# The Meeting



## jenthepen (Apr 21, 2020)

With TS Eliot in the hot April sun.​ The open-mouthed red tulips​ nodding to the rhythm of words​ that dance on the syrup of birdsong.​ ​ A fly appears on the open page,​ prodding at words to extract their taste,​ he finds his place in the warmth of white​ of the sun-bright edge of the book.​ ​ As I read on, he grooms his wings​ and I wait for him to fly.​ Then, almost imperceptible,​ but not quite undetectable,​ he dips his head to sleep.​ ​ I try to return to Eliot’s words​ but the breeze, the flowers and song​ entice me into a slip and a slide​ in the scented air to doze​ together, we three.​ ​


----------



## ned (Apr 21, 2020)

hello J the P - long time no spiel,

and it's great you are still writing your peculiar poetry,
that always seems to touch on a beautiful warm place.

this one goes straight to the heart of it...

suggestions-

on the syrup = in the syrup
appears - jumps out - perchance imagery - dances, flexes etc?
don't genderise the fly, I think...

dips his head - a stretch too far? - I think they just stand still to sleep - maybe express that?

love the last verse - yet....

in the scented air to doze. - methinks 'in the dozy air to ....... - something sleep induced.

enjoyed...............ned


----------



## jenthepen (Apr 22, 2020)

Ha, I'll treasure that one,Ned - peculiar poetry. I might use it in my CV. 

Thanks for taking the time to read and also for the suggestions. I'll consider them as I work on this one. I'm not completely satisfied with it so we'll see where I can go with it.


----------



## ned (Apr 22, 2020)

ha! - sorry Jen, 'peculiar poetry' yes, 
meant in the best possible taste
all the same, a nice phrase I've wasted on a crit!


while I'm here -the title is a bit boring - it doesn't really draw the reader in...

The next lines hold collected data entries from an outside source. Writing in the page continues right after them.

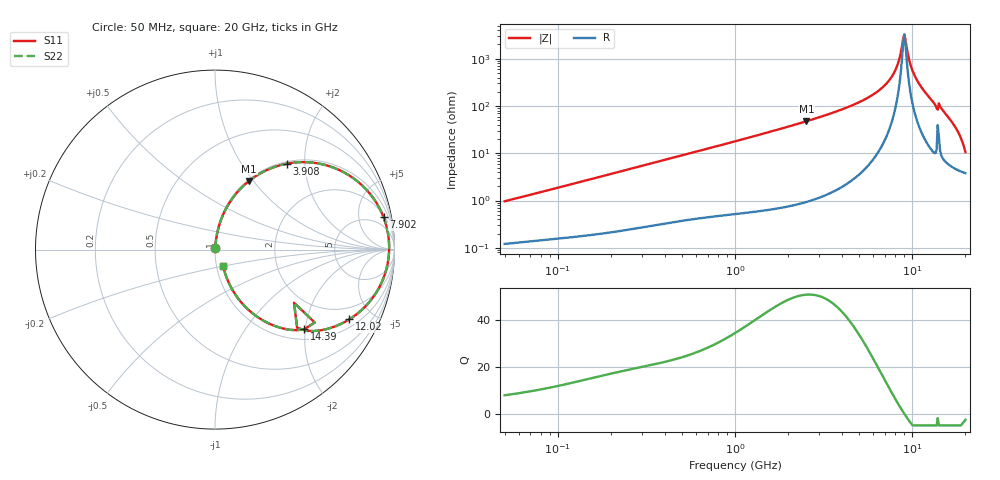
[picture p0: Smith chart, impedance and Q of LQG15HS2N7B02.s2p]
!Murata Part Number: LQG15HS2N7B02
!These Parameters are Measured in Series Mode Connection
!  o--[Z]--o
!Port1  Port2
!  o-------o
!Freq. Start=50[MHz] Stop=20[GHz], 401[Steps]
# Hz S RI R 50
!Freq.(Hz) S11(Real) S11(Imag) S21(Real) S21(Imag) S12(Real) S12(Imag) S22(Real) S22(Imag)
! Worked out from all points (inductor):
!   401 points, 50 MHz to 20 GHz, reference 50 ohm
!   read as one part in series: L = 3.02 nH near 51.52 MHz
!   highest Q = 50.9 at 2.531 GHz (marker M1), where L = 2.99 nH
!   self-resonance near 8.907 GHz
!   S11 on the Smith chart (normalised r, x): 50 MHz: 1.00, +0.02; 3.908 GHz: 1.04, +1.63; 7.902 GHz: 2, +10; 12.02 GHz: 1.35, -3.64; 14.39 GHz: 1.23, -1.97; 20 GHz: 1.08, -0.20
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5e7  0.0013 0.00956  0.9987 -0.00956  0.9987 -0.00956  0.0013 0.00956
1.364002e8  0.0024 0.0251  0.9976 -0.0251  0.9976 -0.0251  0.0024 0.0251
3.721004e8  0.00758 0.0666  0.9924 -0.0666  0.9924 -0.0666  0.00758 0.0666
1e9  0.0357 0.1715  0.9643 -0.1715  0.9643 -0.1715  0.0357 0.1715
2.531158e9  0.1895 0.3822  0.8105 -0.3822  0.8105 -0.3822  0.1895 0.3822
2.728004e9  0.2167 0.4023  0.7833 -0.4023  0.7833 -0.4023  0.2167 0.4023
3.908127e9  0.4016 0.4791  0.5984 -0.4791  0.5984 -0.4791  0.4016 0.4791
5.856089e9  0.72 0.4297  0.28 -0.4297  0.28 -0.4297  0.72 0.4297
7.442007e9  0.9065 0.2487  0.0935 -0.2487  0.0935 -0.2487  0.9065 0.2487
7.901521e9  0.9389 0.1807  0.0611 -0.1807  0.0611 -0.1807  0.9389 0.1807
8.264682e9  0.9567 0.1242  0.0433 -0.1242  0.0433 -0.1242  0.9567 0.1242
8.774992e9  0.9693 0.0424  0.0307 -0.0424  0.0307 -0.0424  0.9693 0.0424
9.041845e9  0.9702 -0.000624  0.0298 0.000624  0.0298 0.000624  0.9702 -0.000624
9.178299e9  0.9692 -0.0225  0.0308 0.0225  0.0308 0.0225  0.9692 -0.0225
9.745021e9  0.9541 -0.1117  0.0459 0.1117  0.0459 0.1117  0.9541 -0.1117
1.019291e10  0.9306 -0.1785  0.0694 0.1785  0.0694 0.1785  0.9306 -0.1785
1.201863e10  0.7493 -0.3881  0.2507 0.3881  0.2507 0.3881  0.7493 -0.3881
1.354865e10  0.5136 -0.4531  0.4864 0.4531  0.4864 0.4531  0.5136 -0.4531
1.438523e10  0.4955 -0.4444  0.5045 0.4444  0.5045 0.4444  0.4955 -0.4444
1.527346e10  0.3558 -0.4332  0.6442 0.4332  0.6442 0.4332  0.3558 -0.4332
1.747767e10  0.1475 -0.2955  0.8525 0.2955  0.8525 0.2955  0.1475 -0.2955
2e10  0.0453 -0.0905  0.9547 0.0905  0.9547 0.0905  0.0453 -0.0905

go for a foreign phrase that means the same thing - always sounds profound

cheers................ned


----------



## jenthepen (Apr 23, 2020)

Thanks, Ned. I guess you're thinking of rendezvous but that is an agreed meeting with a set time and place which doesn't quite fit here. Not only that, the modern mangled version of the word is rendevu (which I hasten to add, I only just discovered) turns out to be an app for sex workers! :shock:

I agree, the title is pretty lame - leave it with me.


----------



## ned (Apr 23, 2020)

actually, I was thinking liaison, which might cover it....


----------



## Firemajic (May 11, 2020)

jenthepen said:


> With TS Elliot in the hot April sun.​ The open-mouthed red tulips​ nodding to the rhythm of words​ that dance on the syrup of birdsong.​ ​ A fly appears on the open page,​ prodding at words to extract their taste,​ he finds his place in the warmth of white​ of the sun-bright edge of the book.​ ​ As I read on, he grooms his wings​ and I wait for him to fly.​ Then, almost imperceptible,​ but not quite undetectable,​ he dips his head to sleep.​ ​ I try to return to Elliot’s words​ but the breeze, the flowers and song​ entice me into a slip and a slide​ in the scented air to doze​ together, we three.​ ​



Deliciously languorous, lazy and dreamy, the perfect setting made surreal with your elegant imagery... "open mouthed red tulips" Fabulous imagery... I will always see my tulips this way....
lulled to dream by Elliot's poetry.... I think he would be pleased, and the fly? Well for a while he was more than a mere fly... perhaps....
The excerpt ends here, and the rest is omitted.